Of infinite benevolence and power,

Whose everlasting purposes embrace

All accidents, converting them to good.'[49]

Hallam's father, in that memoir so just and tender which, he prefixes to his son's literary remains, remarks that all his son's talk about this old desperate riddle of the origin and significance of evil, like the talk of Leibnitz about it, resolved itself into an unproved assumption of the necessity of evil. In truth there is little sign that either Arthur Hallam or Gladstone had in him the making of the patient and methodical thinker in the high abstract sphere. They were both of them cast in another mould. But the efficacy of human relationships springs from a thousand subtler and more mysterious sources than either patience or method in our thinking. Such marked efficacy was there in the friendship of these two, both of them living under pure skies, but one of the pair endowed besides with 'the thews that throw the world.'

Whether in Gladstone's diary or in his letters, in the midst of Herodotus and Butler and Aristotle and the rest of the time-worn sages, we are curiously conscious of the presence of a spirit of action, affairs, excitement.
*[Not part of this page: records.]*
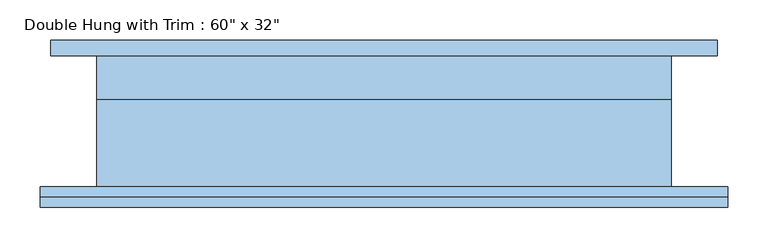
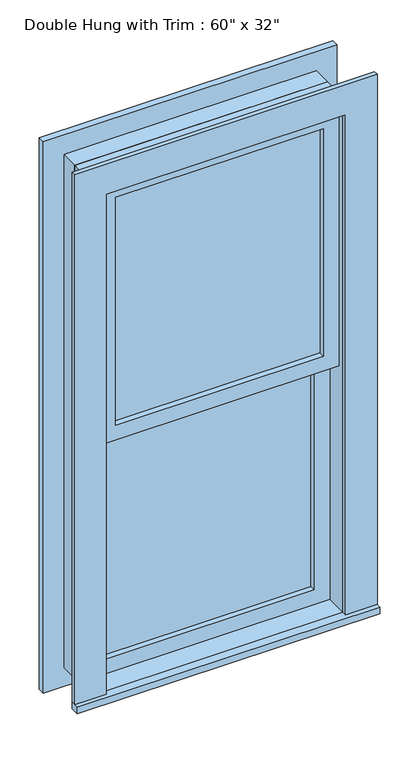
"""IFC4 building model written with IfcOpenShell, lengths in millimetres: window geometry."""

from ifc_helpers import new_model, si_unit, frame, origin, place, context, project, spatial, polyline, outline, extrude, source, transform, mapped, element, save


def window_58bf72f5(model_context):
    return source(origin(), model_context, "Body", "SweptSolid", [
        extrude(outline(polyline([(-292.1, -1.5875), (-292.1, 11.1125), (292.1, 11.1125), (292.1, -1.5875), (-292.1, -1.5875)])), frame((0.0, 0.0, 977.9), z_axis=(0.0, 0.0, 1.0), x_axis=(1.0, 0.0, 0.0)), (0.0, 0.0, 1.0), 676.275),
        extrude(outline(polyline([(1698.625, -336.55), (933.45, -336.55), (933.45, 336.55), (1698.625, 336.55), (1698.625, -336.55)]), holes=[polyline([(1654.175, -292.1), (1654.175, 292.1), (977.9, 292.1), (977.9, -292.1), (1654.175, -292.1)])]), frame((0.0, -17.4625, 0.0), z_axis=(0.0, 1.0, 0.0), x_axis=(0.0, 0.0, 1.0)), (0.0, 0.0, 1.0), 44.45),
        extrude(outline(polyline([(-425.45, -106.3625), (-425.45, -80.9625), (425.45, -80.9625), (425.45, -106.3625), (-425.45, -106.3625)])), frame((0.0, 0.0, 914.4), z_axis=(0.0, 0.0, 1.0), x_axis=(1.0, 0.0, 0.0)), (0.0, 0.0, 1.0), 19.05),
        extrude(outline(polyline([(2419.35, -336.55), (2419.35, 336.55), (933.45, 336.55), (933.45, 425.45), (2508.25, 425.45), (2508.25, -425.45), (933.45, -425.45), (933.45, -336.55), (2419.35, -336.55)])), frame((0.0, -93.6625, 0.0), z_axis=(0.0, 1.0, 0.0), x_axis=(0.0, 0.0, 1.0)), (0.0, 0.0, 1.0), 12.7),
        extrude(outline(polyline([(2495.55, 412.75), (2495.55, -412.75), (857.25, -412.75), (857.25, 412.75), (2495.55, 412.75)]), holes=[polyline([(2406.65, 323.85), (946.15, 323.85), (946.15, -323.85), (2406.65, -323.85), (2406.65, 323.85)])]), frame((0.0, 80.9625, 0.0), z_axis=(0.0, 1.0, 0.0), x_axis=(0.0, 0.0, 1.0)), (0.0, 0.0, 1.0), 19.05),
        extrude(outline(polyline([(292.1, -33.3375), (292.1, -46.0375), (-292.1, -46.0375), (-292.1, -33.3375), (292.1, -33.3375)])), frame((0.0, 0.0, 1698.625), z_axis=(0.0, 0.0, 1.0), x_axis=(1.0, 0.0, 0.0)), (0.0, 0.0, 1.0), 676.275),
        extrude(outline(polyline([(2419.35, -336.55), (1654.175, -336.55), (1654.175, 336.55), (2419.35, 336.55), (2419.35, -336.55)]), holes=[polyline([(2374.9, -292.1), (2374.9, 292.1), (1698.625, 292.1), (1698.625, -292.1), (2374.9, -292.1)])]), frame((0.0, -61.9125, 0.0), z_axis=(0.0, 1.0, 0.0), x_axis=(0.0, 0.0, 1.0)), (0.0, 0.0, 1.0), 44.45),
        extrude(outline(polyline([(2438.4, -355.6), (914.4, -355.6), (914.4, 355.6), (2438.4, 355.6), (2438.4, -355.6)]), holes=[polyline([(2406.65, -323.85), (2406.65, 323.85), (946.15, 323.85), (946.15, -323.85), (2406.65, -323.85)])]), frame((0.0, 26.9875, 0.0), z_axis=(0.0, 1.0, 0.0), x_axis=(0.0, 0.0, 1.0)), (0.0, 0.0, 1.0), 53.975),
        extrude(outline(polyline([(2438.4, 355.6), (2438.4, -355.6), (914.4, -355.6), (914.4, 355.6), (2438.4, 355.6)]), holes=[polyline([(2419.35, 336.55), (933.45, 336.55), (933.45, -336.55), (2419.35, -336.55), (2419.35, 336.55)])]), frame((0.0, -80.9625, 0.0), z_axis=(0.0, 1.0, 0.0), x_axis=(0.0, 0.0, 1.0)), (0.0, 0.0, 1.0), 107.95),
    ])


if __name__ == "__main__":
    model = new_model("IFC4")
    model_context = context("Model", 3, world=origin())
    ifc_project = project(units=[si_unit("LENGTHUNIT", "METRE", prefix="MILLI")], contexts=[model_context])
    site = spatial("IfcSite", under=ifc_project)
    building = spatial("IfcBuilding", under=site)
    placement = place(None, origin())
    window_shape = window_58bf72f5(model_context)
    element("IfcWindow", 1, ObjectType="Double Hung with Trim : 60\" x 32\"", at=placement, inside=building, context=model_context, shape_type="MappedRepresentation", body=[
        mapped(window_shape, transform((0.0, 0.0, 0.0), x_axis=(1.0, 0.0, 0.0), y_axis=(0.0, 1.0, 0.0), z_axis=(0.0, 0.0, 1.0))),
    ])
    save(model, "model.ifc")

# Revit data of these elements
# Type "Double Hung with Trim : 60\" x 32\""
#   Type Mark = "62"
#   COBie.Type.CreatedBy = "doug.wood@us.ibm.com"
#   COBie.Type.CreatedOn = "2016-04-14T02:07:26"
#   COBie.Type.Name = "Windows_Double Hung with Trim_60\" x 32\"_62"
#   COBie.Type.Category = "23-30 20 17 17 14 : Double-Hung Windows"
#   COBie.Type.Description = "Double Hung with Trim_60\" x 32\""
#   COBie.Type.Manufacturer = ""
#   COBie.Type.ModelNumber = ""
#   Construction Type Id = "GSP4R"
#   Assembly Code = "B2020100"
#   Analytic Construction = "1/8 in Pilkington single glazing"
#   COBie.Type.ReplacementCost = 0
#   Visual Light Transmittance = 0.9
#   Solar Heat Gain Coefficient = 0.78
#   Heat Transfer Coefficient (U) = 3.6886 W/(m²·K)
#   Height = 5' - 0"
#   Default Sill Height = 3' - 0"
#   Trim Projection - Ext. = 0' - 0 1/2"
#   Trim Projection - Int. = 0' - 0 3/4"
#   Trim Width - Exterior = 0' - 3 1/2"
#   Trim Width - Interior = 0' - 3 1/2"
#   Width = 2' - 4"
#   Window Inset = 0' - 0 3/4"
#   COBie.Type = no
#   Glass Pane Material = Glass
#   Sash Material = Sash - White
#   Trim Exterior Material = Trim - White
#   Trim Interior Material = Trim - White
#   Wall Closure = (empty or 0)
# Element 1 (IfcWindow, "Double Hung with Trim : 60\" x 32\"")
#   Materials on its faces: "Sash - White", "Trim - White", "Glass"
# Materials
#   "Glass": class "Glass", colour RGB 0 128 192, transparency 0.75, Description = "Soda Lime Glass", Cost = 0
#   "Sash - White": class "Wood", colour RGB 255 255 255, transparency 0, Cost = 0
#   "Trim - White": class "Wood", colour RGB 255 255 255, transparency 0, Cost = 0
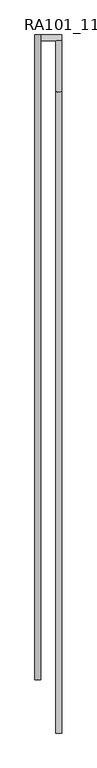
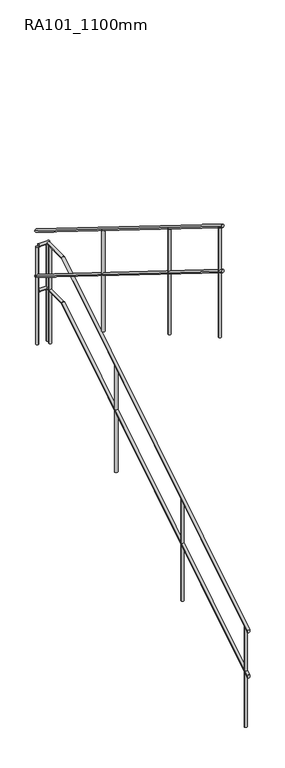
"""IFC4 building model written with IfcOpenShell, lengths in millimetres: railing geometry, RA101_1100mm."""

import ifcopenshell
import ifcopenshell.guid

model = None  # the IFC model being written
_history = None  # IfcOwnerHistory: only IFC2X3 demands one
_inside = {}  # id of a spatial element -> (the spatial element, [elements in it])
_under = {}  # id of a project, library or spatial element -> (it, [spatial elements below it])
_declared = {}  # id of a project -> (the project, [libraries it declares])
_typed = {}  # id of a type object -> (the type object, [elements of that type])
_made_of = {}  # id of a material, layer set ... -> (it, [elements and type objects made of it])


def new_model(schema):
    """Start an empty IFC model of exactly this schema.

    Asked for "IFC4X3", IfcOpenShell would pick the latest addendum, in which some entities
    have other attributes; the version numbers below select the first issue.
    IFC2X3 requires an IfcOwnerHistory on every rooted entity: one is made here for all.
    """
    global model, _history
    if schema == "IFC4X3":
        model = ifcopenshell.file(schema_version=(4, 3, 0, 0))
    else:
        model = ifcopenshell.file(schema=schema)
    _inside.clear()
    _under.clear()
    _declared.clear()
    _typed.clear()
    _made_of.clear()
    _history = None
    if model.schema == "IFC2X3":
        org = make("IfcOrganization", Name="unknown")
        user = make(
            "IfcPersonAndOrganization",
            ThePerson=make("IfcPerson", FamilyName="unknown"),
            TheOrganization=org,
        )
        app = make(
            "IfcApplication",
            ApplicationDeveloper=org,
            Version="unknown",
            ApplicationFullName="unknown",
            ApplicationIdentifier="unknown",
        )
        _history = make(
            "IfcOwnerHistory",
            OwningUser=user,
            OwningApplication=app,
            ChangeAction="ADDED",
            CreationDate=0,
        )
    return model


def make(cls, **values):
    """One entity of the class cls with the attributes given. An attribute that is None is left unset."""
    return model.create_entity(
        cls, **{name: value for name, value in values.items() if value is not None}
    )


def rooted(cls, **values):
    """An entity with a GlobalId (a new one), such as an element, a storey or a relation."""
    return make(cls, GlobalId=ifcopenshell.guid.new(), OwnerHistory=_history, **values)


def si_unit(unit_type, name, prefix=None):
    """IfcSIUnit, for example si_unit("LENGTHUNIT", "METRE", prefix="MILLI")."""
    return make("IfcSIUnit", UnitType=unit_type, Prefix=prefix, Name=name)


def assignment(units):
    """IfcUnitAssignment: the units of a project."""
    return None if units is None else make("IfcUnitAssignment", Units=units)


def point(xyz):
    """IfcCartesianPoint."""
    return None if xyz is None else make("IfcCartesianPoint", Coordinates=xyz)


def direction(xyz):
    """IfcDirection."""
    return None if xyz is None else make("IfcDirection", DirectionRatios=xyz)


def frame(location, z_axis=None, x_axis=None):
    """IfcAxis2Placement3D, a coordinate frame: its origin and axes. An axis left out is left unset."""
    return make(
        "IfcAxis2Placement3D",
        Location=point(location),
        Axis=direction(z_axis),
        RefDirection=direction(x_axis),
    )


def frame_2d(location, x_axis=None):
    """IfcAxis2Placement2D, a coordinate frame in the plane: its origin and x axis."""
    return make(
        "IfcAxis2Placement2D", Location=point(location), RefDirection=direction(x_axis)
    )


def origin():
    """The frame at (0, 0, 0) with its axes left unset."""
    return frame((0.0, 0.0, 0.0))


def place(relative_to, where):
    """IfcLocalPlacement: puts the frame where relative to a parent placement (None: the world)."""
    return make(
        "IfcLocalPlacement", PlacementRelTo=relative_to, RelativePlacement=where
    )


def context(
    kind, dimensions, precision=None, world=None, true_north=None, identifier=None
):
    """IfcGeometricRepresentationContext, for example the 3D "Model" context."""
    return make(
        "IfcGeometricRepresentationContext",
        ContextIdentifier=identifier,
        ContextType=kind,
        CoordinateSpaceDimension=dimensions,
        Precision=precision,
        WorldCoordinateSystem=world,
        TrueNorth=true_north,
    )


def project(units=None, contexts=None):
    """IfcProject with its units and contexts."""
    return rooted(
        "IfcProject",
        Name="project",
        RepresentationContexts=contexts,
        UnitsInContext=assignment(units),
    )


def spatial(cls, under=None, at=None, **own):
    """A site, building, storey or space (cls), placed at a placement, below another one or the project."""
    s = rooted(cls, ObjectPlacement=at, **own)
    if under is not None:
        _under.setdefault(under.id(), (under, []))[1].append(s)
    return s


def circle_curve(where, radius):
    """IfcCircle in the frame where."""
    return make("IfcCircle", Position=where, Radius=radius)


def ellipse_curve(where, semi_axis1, semi_axis2):
    """IfcEllipse in the frame where."""
    return make(
        "IfcEllipse", Position=where, SemiAxis1=semi_axis1, SemiAxis2=semi_axis2
    )


def trimmed(basis, trim1, trim2, sense, master):
    """IfcTrimmedCurve: the piece of a basis curve between two trims."""
    return make(
        "IfcTrimmedCurve",
        BasisCurve=basis,
        Trim1=trim1,
        Trim2=trim2,
        SenseAgreement=sense,
        MasterRepresentation=master,
    )


def segment(curve, same_sense, transition):
    """IfcCompositeCurveSegment."""
    return make(
        "IfcCompositeCurveSegment",
        Transition=transition,
        SameSense=same_sense,
        ParentCurve=curve,
    )


def composite_curve(segments, self_intersect=None):
    """IfcCompositeCurve: segments joined end to end."""
    return make("IfcCompositeCurve", Segments=segments, SelfIntersect=self_intersect)


def outline(outer, holes=None, kind="AREA"):
    """IfcArbitraryClosedProfileDef: a profile drawn as a closed curve; with holes, ...WithVoids."""
    if holes is None:
        return make("IfcArbitraryClosedProfileDef", ProfileType=kind, OuterCurve=outer)
    return make(
        "IfcArbitraryProfileDefWithVoids",
        ProfileType=kind,
        OuterCurve=outer,
        InnerCurves=holes,
    )


def extrude(swept, where, along, depth):
    """IfcExtrudedAreaSolid: the profile swept, set in the frame where, extruded along a direction by depth."""
    return make(
        "IfcExtrudedAreaSolid",
        SweptArea=swept,
        Position=where,
        ExtrudedDirection=direction(along),
        Depth=depth,
    )


def shape(context_of_items, identifier, shape_type, items):
    """IfcShapeRepresentation: the items that make up one representation, for example the "Body"."""
    return make(
        "IfcShapeRepresentation",
        ContextOfItems=context_of_items,
        RepresentationIdentifier=identifier,
        RepresentationType=shape_type,
        Items=items,
    )


def source(mapping_origin, context_of_items, identifier, shape_type, items):
    """IfcRepresentationMap: a shape defined once, which mapped items show again and again."""
    return make(
        "IfcRepresentationMap",
        MappingOrigin=mapping_origin,
        MappedRepresentation=shape(context_of_items, identifier, shape_type, items),
    )


def transform(
    local_origin,
    x_axis=None,
    y_axis=None,
    z_axis=None,
    scale=None,
    scale2=None,
    scale3=None,
    uniform=True,
):
    """IfcCartesianTransformationOperator3D, or its non-uniform kind. x_axis, y_axis, z_axis: its Axis1, 2, 3."""
    if uniform:
        return make(
            "IfcCartesianTransformationOperator3D",
            Axis1=direction(x_axis),
            Axis2=direction(y_axis),
            LocalOrigin=point(local_origin),
            Scale=scale,
            Axis3=direction(z_axis),
        )
    return make(
        "IfcCartesianTransformationOperator3DnonUniform",
        Axis1=direction(x_axis),
        Axis2=direction(y_axis),
        LocalOrigin=point(local_origin),
        Scale=scale,
        Axis3=direction(z_axis),
        Scale2=scale2,
        Scale3=scale3,
    )


def mapped(mapping_source, mapping_target):
    """IfcMappedItem: shows the shape of a source again, moved by a transform."""
    return make(
        "IfcMappedItem", MappingSource=mapping_source, MappingTarget=mapping_target
    )


def made_of(thing, what):
    """Note that an element or type object is made of a material, layer set ...; save() writes the relation."""
    if what is not None:
        _made_of.setdefault(what.id(), (what, []))[1].append(thing)
    return thing


def element(
    cls,
    number,
    at=None,
    inside=None,
    cuts=None,
    type_object=None,
    material=None,
    context=None,
    identifier="Body",
    shape_type=None,
    held_by="IfcProductDefinitionShape",
    body=None,
    shapes=None,
    **own,
):
    """One element of the class cls, such as IfcWall. Its Tag is "e" and its number.

    at: its placement. inside: the storey or other place that contains it. cuts: it is an
    opening in that element (IfcRelVoidsElement). A single representation is given by context,
    identifier, shape_type and body (its items); several are given by shapes. held_by: the class
    of the entity that holds the representations. save() writes the other relations.
    """
    e = rooted(cls, Tag="e%d" % number, ObjectPlacement=at, **own)
    if body is not None:
        shapes = [shape(context, identifier, shape_type, body)]
    if shapes is not None:
        e.Representation = make(held_by, Representations=shapes)
    if inside is not None:
        _inside.setdefault(inside.id(), (inside, []))[1].append(e)
    if cuts is not None:
        rooted(
            "IfcRelVoidsElement", RelatingBuildingElement=cuts, RelatedOpeningElement=e
        )
    if type_object is not None:
        _typed.setdefault(type_object.id(), (type_object, []))[1].append(e)
    return made_of(e, material)


def aggregate(whole, parts):
    """IfcRelAggregates: a whole, such as a stair, and the parts it consists of."""
    return rooted("IfcRelAggregates", RelatingObject=whole, RelatedObjects=parts)


def save(model, path):
    """Write the relations noted so far, then the file.

    IfcRelAggregates (storeys below a building ...), IfcRelContainedInSpatialStructure (elements
    in a storey), IfcRelDefinesByType, IfcRelAssociatesMaterial and IfcRelDeclares: one each for
    every whole, place, type object, material and project.
    """
    for whole, parts in _under.values():
        aggregate(whole, parts)
    for where, things in _inside.values():
        rooted(
            "IfcRelContainedInSpatialStructure",
            RelatedElements=things,
            RelatingStructure=where,
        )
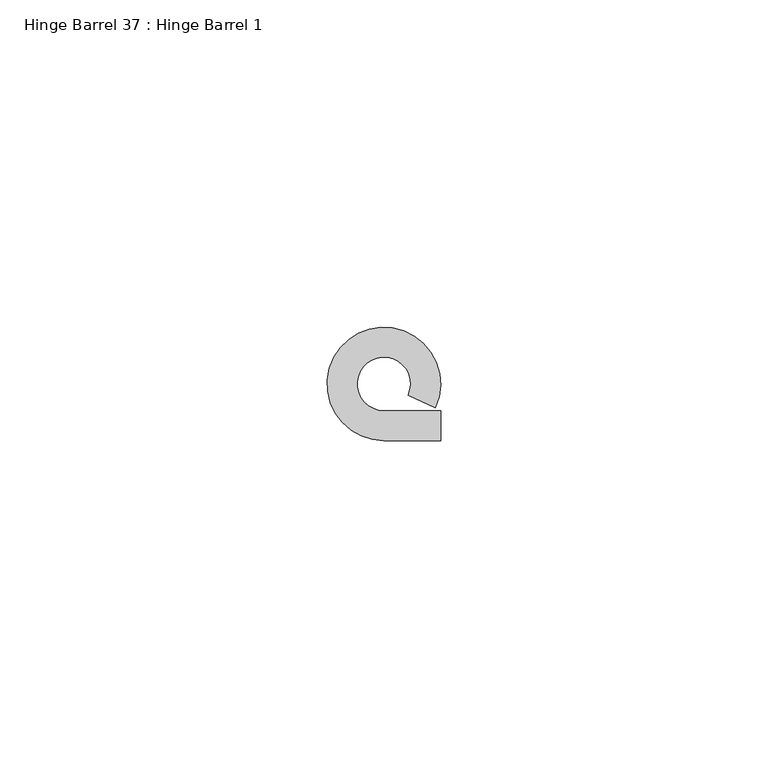
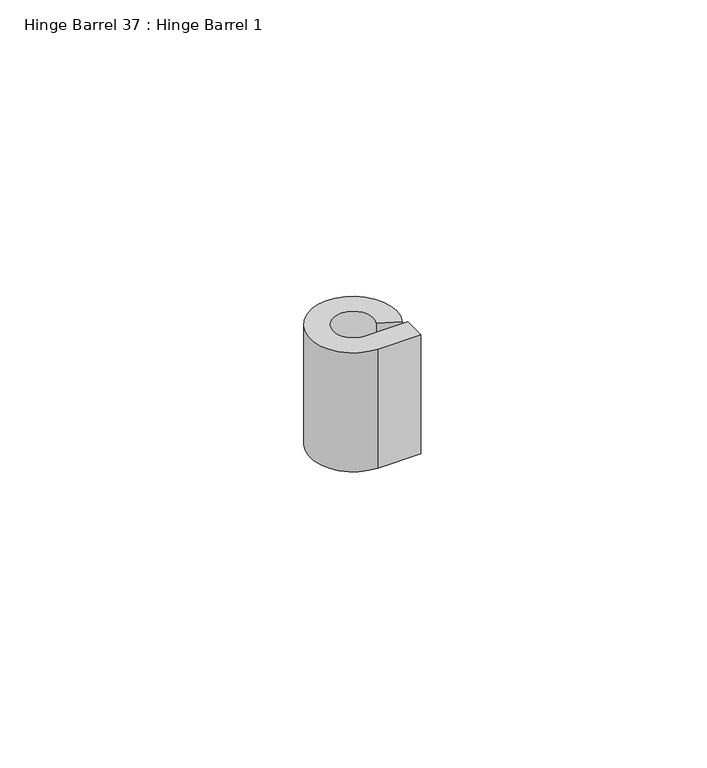
"""IFC4 building model written with IfcOpenShell, lengths in millimetres: proxy geometry, Hinge Barrel 37 : Hinge Barrel 1."""

from ifc_helpers import new_model, si_unit, point, frame, frame_2d, origin, place, context, project, spatial, polyline, circle_curve, trimmed, segment, composite_curve, outline, extrude, source, transform, mapped, element, save


def hinge_barrel_37_hinge_barrel_1_58d778a9(model_context):
    return source(origin(), model_context, "Body", "SweptSolid", [
        extrude(outline(composite_curve([segment(polyline([(587323.2214739, -534104.7943841), (587327.7934739, -534104.7943841), (587327.7934739, -534109.3584466), (587319.1320739, -534109.3584466)]), True, "CONTINUOUS"), segment(trimmed(circle_curve(frame_2d((587319.1320739, -534100.7049841)), 8.6534625), [point((587319.1320739, -534109.3584466))], [point((587326.986084, -534104.3377433))], False, "CARTESIAN"), True, "CONTINUOUS"), segment(polyline([(587326.986084, -534104.3377433), (587322.8436736, -534102.421731)]), True, "CONTINUOUS"), segment(trimmed(circle_curve(frame_2d((587319.1320739, -534100.7049841)), 4.0894), [point((587322.8436736, -534102.421731))], [point((587319.1320739, -534104.7943841))], True, "CARTESIAN"), True, "CONTINUOUS"), segment(polyline([(587319.1320739, -534104.7943841), (587323.2214739, -534104.7943841)]), True, "CONTINUOUS")], self_intersect=False)), frame((0.0, 0.0, 311.15), z_axis=(0.0, 0.0, 1.0), x_axis=(1.0, 0.0, 0.0)), (0.0, 0.0, 1.0), 25.4),
    ])


if __name__ == "__main__":
    model = new_model("IFC4")
    model_context = context("Model", 3, world=origin())
    ifc_project = project(units=[si_unit("LENGTHUNIT", "METRE", prefix="MILLI")], contexts=[model_context])
    site = spatial("IfcSite", under=ifc_project)
    building = spatial("IfcBuilding", under=site)
    placement = place(None, origin())
    hinge_barrel_37_hinge_barrel_1_shape = hinge_barrel_37_hinge_barrel_1_58d778a9(model_context)
    element("IfcBuildingElementProxy", 1, Name="Hinge Barrel 37 : Hinge Barrel 1", ObjectType="Hinge Barrel 37 : Hinge Barrel 1", at=placement, inside=building, context=model_context, shape_type="MappedRepresentation", body=[
        mapped(hinge_barrel_37_hinge_barrel_1_shape, transform((0.0, 0.0, 0.0), x_axis=(1.0, 0.0, 0.0), y_axis=(0.0, 1.0, 0.0), z_axis=(0.0, 0.0, 1.0))),
    ])
    save(model, "model.ifc")

# Revit data of these elements
# Element 1 (IfcBuildingElementProxy, "Hinge Barrel 37 : Hinge Barrel 1")
#   Materials on its faces: "6\"X6\" WELD-ON STL BUTT HINGE"
# Materials
#   "6\"X6\" WELD-ON STL BUTT HINGE": class "Metal", colour RGB 189 187 185, transparency 0, Description = "Carbon steel", Cost = 0

It is not the born scholar eager in search of knowledge for its own sake; there is little of Milton's 'quiet air of delightful studies;' and none of Pascal's 'labouring for truth with many a heavy sigh.' The end of it all is, as Aristotle said it should be, not knowing but doing:—honourable desire of success, satisfaction of the hopes of friends, a general literary appetite, conscious preparation for private and public duty in the world, a steady progression out of the shallows into the depths, a gaze beyond garden and cloister, in agmen, in pulverem, in clamorem, to the dust and burning sun and shouting of the days of conflict.

IV

In September 1829, as we have seen, Huskisson had disappeared. Thomas Gladstone was in the train drawn by the Dart that ran over the statesman and killed him.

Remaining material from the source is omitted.